* [WHAT YOU HAVE TO DO]:
This exercise calls for the line with "#12373 = CARTESIAN_POINT", the line with "#15015 = LINE ( 'NONE', #3892, #15216 ) ;", and all lines between them in the material below, output exactly and with no other lines.

━━━━━━━━━━━━━━━━━━━━

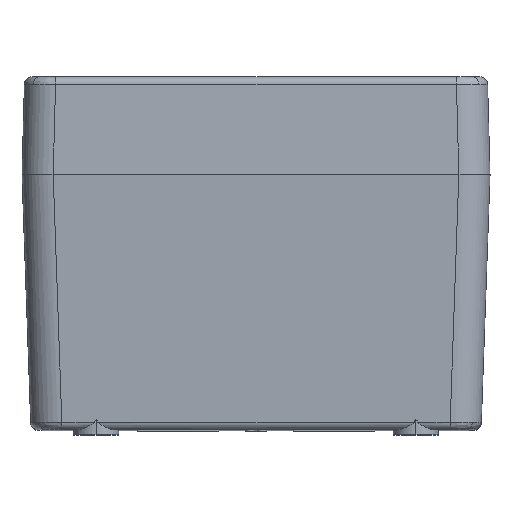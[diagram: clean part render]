
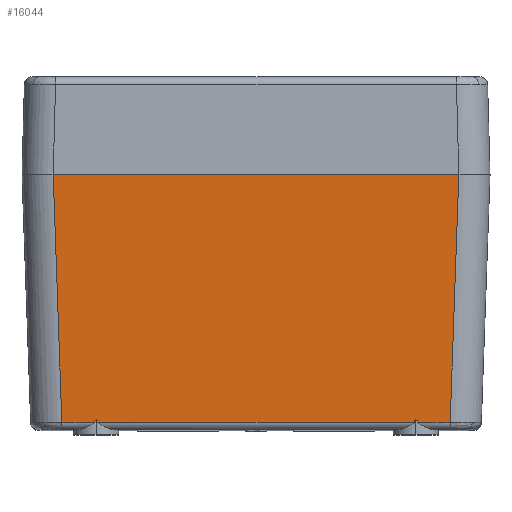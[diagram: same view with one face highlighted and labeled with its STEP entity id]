
A CAD part, top view. The second image highlights one B-rep face of the part: STEP entity #16044.
In plain terms, the highlighted planar face has unit normal (0, -0.035, 0.999).
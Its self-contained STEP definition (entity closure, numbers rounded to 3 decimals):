
#330 = CARTESIAN_POINT ( 'NONE',  ( 41., -63., 53. ) ) ;
#425 = CARTESIAN_POINT ( 'NONE',  ( 41.48, -63.57, 58.78 ) ) ;
#459 = ORIENTED_EDGE ( 'NONE', *, *, #4845, .T. ) ;
#491 = AXIS2_PLACEMENT_3D ( 'NONE', #9678, #1929, #11014 ) ;
#639 = DIRECTION ( 'NONE',  ( 0., 0., -1. ) ) ;
#815 = EDGE_LOOP ( 'NONE', ( #14766, #16260, #459, #14487, #3077, #12470, #15620, #6868, #8228, #10881, #2419, #12090, #3340, #14585 ) ) ;
#1444 = CARTESIAN_POINT ( 'NONE',  ( 41.01, -63., 58.8 ) ) ;
#1513 = CARTESIAN_POINT ( 'NONE',  ( -40.676, -63.198, 58.793 ) ) ;
#1640 = DIRECTION ( 'NONE',  ( 0., 0., -1. ) ) ;
#1891 = LINE ( 'NONE', #2070, #2310 ) ;
#1929 = DIRECTION ( 'NONE',  ( 0., -1., 0. ) ) ;
#1977 = CARTESIAN_POINT ( 'NONE',  ( 40.833, -63.008, 58.8 ) ) ;
#2070 = CARTESIAN_POINT ( 'NONE',  ( -60., 0., 61. ) ) ;
#2140 = VERTEX_POINT ( 'NONE', #5890 ) ;
#2189 = VERTEX_POINT ( 'NONE', #5786 ) ;
#2233 = DIRECTION ( 'NONE',  ( 0., -0.035, 0.999 ) ) ;
#2246 = CARTESIAN_POINT ( 'NONE',  ( -41.48, -63.57, 58.78 ) ) ;
#2310 = VECTOR ( 'NONE', #7360, 1000. ) ;
#2378 = VERTEX_POINT ( 'NONE', #2246 ) ;
#2419 = ORIENTED_EDGE ( 'NONE', *, *, #13109, .T. ) ;
#2659 = DIRECTION ( 'NONE',  ( 1., 0., 0. ) ) ;
#3009 = CARTESIAN_POINT ( 'NONE',  ( 41.01, -63., 58.8 ) ) ;
#3026 = CARTESIAN_POINT ( 'NONE',  ( 49.785, -63.57, 58.78 ) ) ;
#3077 = ORIENTED_EDGE ( 'NONE', *, *, #6624, .T. ) ;
#3221 = CARTESIAN_POINT ( 'NONE',  ( -52.005, 0., 61. ) ) ;
#3340 = ORIENTED_EDGE ( 'NONE', *, *, #13304, .F. ) ;
#3614 = VERTEX_POINT ( 'NONE', #3221 ) ;
#3729 = CARTESIAN_POINT ( 'NONE',  ( -41., -63., 58.8 ) ) ;
#3892 = CARTESIAN_POINT ( 'NONE',  ( -60., -63.57, 58.78 ) ) ;
#4489 = DIRECTION ( 'NONE',  ( 0., -1., 0. ) ) ;
#4818 =( BOUNDED_CURVE ( )  B_SPLINE_CURVE ( 3, ( #12373, #1977, #15029, #7192 ),
 .UNSPECIFIED., .F., .T. ) 
 B_SPLINE_CURVE_WITH_KNOTS ( ( 4, 4 ),
 ( 3.143, 3.224 ),
 .UNSPECIFIED. ) 
 CURVE ( )  GEOMETRIC_REPRESENTATION_ITEM ( )  RATIONAL_B_SPLINE_CURVE ( ( 1., 0.999, 0.999, 1. ) ) 
 REPRESENTATION_ITEM ( '' )  );
#4845 = EDGE_CURVE ( 'NONE', #14628, #2140, #12808, .T. ) ;
#5104 = VERTEX_POINT ( 'NONE', #9314 ) ;
#5418 =( BOUNDED_CURVE ( )  B_SPLINE_CURVE ( 3, ( #12477, #15076, #7292, #16443 ),
 .UNSPECIFIED., .F., .F. ) 
 B_SPLINE_CURVE_WITH_KNOTS ( ( 4, 4 ),
 ( 3.143, 3.224 ),
 .UNSPECIFIED. ) 
 CURVE ( )  GEOMETRIC_REPRESENTATION_ITEM ( )  RATIONAL_B_SPLINE_CURVE ( ( 1., 0.999, 0.999, 1. ) ) 
 REPRESENTATION_ITEM ( '' )  );
#5454 = EDGE_CURVE ( 'NONE', #7322, #14155, #10698, .T. ) ;
#5627 = AXIS2_PLACEMENT_3D ( 'NONE', #12267, #4489, #13604 ) ;
#5786 = CARTESIAN_POINT ( 'NONE',  ( 41.48, -63.57, 58.78 ) ) ;
#5890 = CARTESIAN_POINT ( 'NONE',  ( 52.005, 0., 61. ) ) ;
#5968 = EDGE_CURVE ( 'NONE', #2189, #14628, #9159, .T. ) ;
#6584 = EDGE_CURVE ( 'NONE', #13179, #13009, #7555, .T. ) ;
#6619 = DIRECTION ( 'NONE',  ( 1., 0., 0. ) ) ;
#6624 = EDGE_CURVE ( 'NONE', #3614, #10675, #7490, .T. ) ;
#6678 = VERTEX_POINT ( 'NONE', #13710 ) ;
#6695 = CARTESIAN_POINT ( 'NONE',  ( -40.833, -63.008, 58.8 ) ) ;
#6868 = ORIENTED_EDGE ( 'NONE', *, *, #16410, .F. ) ;
#6987 = CARTESIAN_POINT ( 'NONE',  ( -60., -63.57, 58.78 ) ) ;
#7192 = CARTESIAN_POINT ( 'NONE',  ( 40.52, -63.57, 58.78 ) ) ;
#7266 = CARTESIAN_POINT ( 'NONE',  ( 51.869, -3.902, 60.864 ) ) ;
#7292 = CARTESIAN_POINT ( 'NONE',  ( -41.324, -63.198, 58.793 ) ) ;
#7322 = VERTEX_POINT ( 'NONE', #1444 ) ;
#7353 = PLANE ( 'NONE',  #10072 ) ;
#7360 = DIRECTION ( 'NONE',  ( 1., 0., 0. ) ) ;
#7404 = VECTOR ( 'NONE', #12321, 1000. ) ;
#7490 = LINE ( 'NONE', #12263, #7404 ) ;
#7555 = CIRCLE ( 'NONE', #491, 5.8 ) ;
#7809 = VERTEX_POINT ( 'NONE', #8901 ) ;
#7951 = AXIS2_PLACEMENT_3D ( 'NONE', #16201, #8346, #639 ) ;
#7998 =( BOUNDED_CURVE ( )  B_SPLINE_CURVE ( 3, ( #14498, #1513, #6695, #15868 ),
 .UNSPECIFIED., .F., .F. ) 
 B_SPLINE_CURVE_WITH_KNOTS ( ( 4, 4 ),
 ( 3.059, 3.14 ),
 .UNSPECIFIED. ) 
 CURVE ( )  GEOMETRIC_REPRESENTATION_ITEM ( )  RATIONAL_B_SPLINE_CURVE ( ( 1., 0.999, 0.999, 1. ) ) 
 REPRESENTATION_ITEM ( '' )  );
#8115 = EDGE_CURVE ( 'NONE', #5104, #16330, #4818, .T. ) ;
#8201 =( BOUNDED_CURVE ( )  B_SPLINE_CURVE ( 3, ( #425, #10702, #10815, #3009 ),
 .UNSPECIFIED., .F., .F. ) 
 B_SPLINE_CURVE_WITH_KNOTS ( ( 4, 4 ),
 ( 3.059, 3.14 ),
 .UNSPECIFIED. ) 
 CURVE ( )  GEOMETRIC_REPRESENTATION_ITEM ( )  RATIONAL_B_SPLINE_CURVE ( ( 1., 0.999, 0.999, 1. ) ) 
 REPRESENTATION_ITEM ( '' )  );
#8228 = ORIENTED_EDGE ( 'NONE', *, *, #6584, .F. ) ;
#8240 = CIRCLE ( 'NONE', #5627, 5.8 ) ;
#8346 = DIRECTION ( 'NONE',  ( 0., -1., 0. ) ) ;
#8901 = CARTESIAN_POINT ( 'NONE',  ( -40.52, -63.57, 58.78 ) ) ;
#9139 = VECTOR ( 'NONE', #16134, 1000. ) ;
#9159 = LINE ( 'NONE', #6987, #9139 ) ;
#9314 = CARTESIAN_POINT ( 'NONE',  ( 40.99, -63., 58.8 ) ) ;
#9362 = DIRECTION ( 'NONE',  ( 0., -1., 0. ) ) ;
#9678 = CARTESIAN_POINT ( 'NONE',  ( -41., -63., 53. ) ) ;
#10072 = AXIS2_PLACEMENT_3D ( 'NONE', #15194, #2233, #11337 ) ;
#10675 = VERTEX_POINT ( 'NONE', #11553 ) ;
#10698 = CIRCLE ( 'NONE', #11356, 5.8 ) ;
#10702 = CARTESIAN_POINT ( 'NONE',  ( 41.324, -63.198, 58.793 ) ) ;
#10815 = CARTESIAN_POINT ( 'NONE',  ( 41.167, -63.008, 58.8 ) ) ;
#10881 = ORIENTED_EDGE ( 'NONE', *, *, #16283, .F. ) ;
#11014 = DIRECTION ( 'NONE',  ( 0., 0., -1. ) ) ;
#11028 = EDGE_CURVE ( 'NONE', #3614, #2140, #1891, .T. ) ;
#11199 = CARTESIAN_POINT ( 'NONE',  ( 41., -63., 58.8 ) ) ;
#11337 = DIRECTION ( 'NONE',  ( 0., -0.999, -0.035 ) ) ;
#11356 = AXIS2_PLACEMENT_3D ( 'NONE', #330, #9362, #1640 ) ;
#11553 = CARTESIAN_POINT ( 'NONE',  ( -49.785, -63.57, 58.78 ) ) ;
#12090 = ORIENTED_EDGE ( 'NONE', *, *, #8115, .F. ) ;
#12136 = VECTOR ( 'NONE', #6619, 1000. ) ;
#12228 = LINE ( 'NONE', #14477, #12136 ) ;
#12263 = CARTESIAN_POINT ( 'NONE',  ( -52.015, 0.279, 61.01 ) ) ;
#12267 = CARTESIAN_POINT ( 'NONE',  ( 41., -63., 53. ) ) ;
#12321 = DIRECTION ( 'NONE',  ( 0.035, -0.999, -0.035 ) ) ;
#12373 = CARTESIAN_POINT ( 'NONE',  ( 40.99, -63., 58.8 ) ) ;
#12470 = ORIENTED_EDGE ( 'NONE', *, *, #16760, .T. ) ;
#12477 = CARTESIAN_POINT ( 'NONE',  ( -41.01, -63., 58.8 ) ) ;
#12607 = VECTOR ( 'NONE', #16416, 1000. ) ;
#12808 = LINE ( 'NONE', #7266, #12607 ) ;
#13009 = VERTEX_POINT ( 'NONE', #3729 ) ;
#13109 = EDGE_CURVE ( 'NONE', #7809, #16330, #15015, .T. ) ;
#13179 = VERTEX_POINT ( 'NONE', #14646 ) ;
#13304 = EDGE_CURVE ( 'NONE', #14155, #5104, #8240, .T. ) ;
#13398 = CIRCLE ( 'NONE', #7951, 5.8 ) ;
#13604 = DIRECTION ( 'NONE',  ( 0., 0., -1. ) ) ;
#13710 = CARTESIAN_POINT ( 'NONE',  ( -41.01, -63., 58.8 ) ) ;
#13942 = FACE_OUTER_BOUND ( 'NONE', #815, .T. ) ;
#14155 = VERTEX_POINT ( 'NONE', #11199 ) ;
#14477 = CARTESIAN_POINT ( 'NONE',  ( -60., -63.57, 58.78 ) ) ;
#14487 = ORIENTED_EDGE ( 'NONE', *, *, #11028, .F. ) ;
#14498 = CARTESIAN_POINT ( 'NONE',  ( -40.52, -63.57, 58.78 ) ) ;
#14585 = ORIENTED_EDGE ( 'NONE', *, *, #5454, .F. ) ;
#14628 = VERTEX_POINT ( 'NONE', #3026 ) ;
#14646 = CARTESIAN_POINT ( 'NONE',  ( -40.99, -63., 58.8 ) ) ;
#14714 = CARTESIAN_POINT ( 'NONE',  ( 40.52, -63.57, 58.78 ) ) ;
#14766 = ORIENTED_EDGE ( 'NONE', *, *, #16308, .F. ) ;
#14767 = EDGE_CURVE ( 'NONE', #6678, #2378, #5418, .T. ) ;
#15015 = LINE ( 'NONE', #3892, #15216 ) ;
#15029 = CARTESIAN_POINT ( 'NONE',  ( 40.676, -63.198, 58.793 ) ) ;
#15076 = CARTESIAN_POINT ( 'NONE',  ( -41.167, -63.008, 58.8 ) ) ;
#15194 = CARTESIAN_POINT ( 'NONE',  ( -60., 0., 61. ) ) ;
#15216 = VECTOR ( 'NONE', #2659, 1000. ) ;
#15620 = ORIENTED_EDGE ( 'NONE', *, *, #14767, .F. ) ;
#15868 = CARTESIAN_POINT ( 'NONE',  ( -40.99, -63., 58.8 ) ) ;
#16044 = ADVANCED_FACE ( 'NONE', ( #13942 ), #7353, .T. ) ;
#16134 = DIRECTION ( 'NONE',  ( 1., 0., 0. ) ) ;
#16201 = CARTESIAN_POINT ( 'NONE',  ( -41., -63., 53. ) ) ;
#16260 = ORIENTED_EDGE ( 'NONE', *, *, #5968, .T. ) ;
#16283 = EDGE_CURVE ( 'NONE', #7809, #13179, #7998, .T. ) ;
#16308 = EDGE_CURVE ( 'NONE', #2189, #7322, #8201, .T. ) ;
#16330 = VERTEX_POINT ( 'NONE', #14714 ) ;
#16410 = EDGE_CURVE ( 'NONE', #13009, #6678, #13398, .T. ) ;
#16416 = DIRECTION ( 'NONE',  ( 0.035, 0.999, 0.035 ) ) ;
#16443 = CARTESIAN_POINT ( 'NONE',  ( -41.48, -63.57, 58.78 ) ) ;
#16760 = EDGE_CURVE ( 'NONE', #10675, #2378, #12228, .T. ) ;

━━━━━━━━━━━━━━━━━━━━

* [RESPONSE TO THE TASK]:
#12373 = CARTESIAN_POINT ( 'NONE',  ( 40.99, -63., 58.8 ) ) ;
#12470 = ORIENTED_EDGE ( 'NONE', *, *, #16760, .T. ) ;
#12477 = CARTESIAN_POINT ( 'NONE',  ( -41.01, -63., 58.8 ) ) ;
#12607 = VECTOR ( 'NONE', #16416, 1000. ) ;
#12808 = LINE ( 'NONE', #7266, #12607 ) ;
#13009 = VERTEX_POINT ( 'NONE', #3729 ) ;
#13109 = EDGE_CURVE ( 'NONE', #7809, #16330, #15015, .T. ) ;
#13179 = VERTEX_POINT ( 'NONE', #14646 ) ;
#13304 = EDGE_CURVE ( 'NONE', #14155, #5104, #8240, .T. ) ;
#13398 = CIRCLE ( 'NONE', #7951, 5.8 ) ;
#13604 = DIRECTION ( 'NONE',  ( 0., 0., -1. ) ) ;
#13710 = CARTESIAN_POINT ( 'NONE',  ( -41.01, -63., 58.8 ) ) ;
#13942 = FACE_OUTER_BOUND ( 'NONE', #815, .T. ) ;
#14155 = VERTEX_POINT ( 'NONE', #11199 ) ;
#14477 = CARTESIAN_POINT ( 'NONE',  ( -60., -63.57, 58.78 ) ) ;
#14487 = ORIENTED_EDGE ( 'NONE', *, *, #11028, .F. ) ;
#14498 = CARTESIAN_POINT ( 'NONE',  ( -40.52, -63.57, 58.78 ) ) ;
#14585 = ORIENTED_EDGE ( 'NONE', *, *, #5454, .F. ) ;
#14628 = VERTEX_POINT ( 'NONE', #3026 ) ;
#14646 = CARTESIAN_POINT ( 'NONE',  ( -40.99, -63., 58.8 ) ) ;
#14714 = CARTESIAN_POINT ( 'NONE',  ( 40.52, -63.57, 58.78 ) ) ;
#14766 = ORIENTED_EDGE ( 'NONE', *, *, #16308, .F. ) ;
#14767 = EDGE_CURVE ( 'NONE', #6678, #2378, #5418, .T. ) ;
#15015 = LINE ( 'NONE', #3892, #15216 ) ;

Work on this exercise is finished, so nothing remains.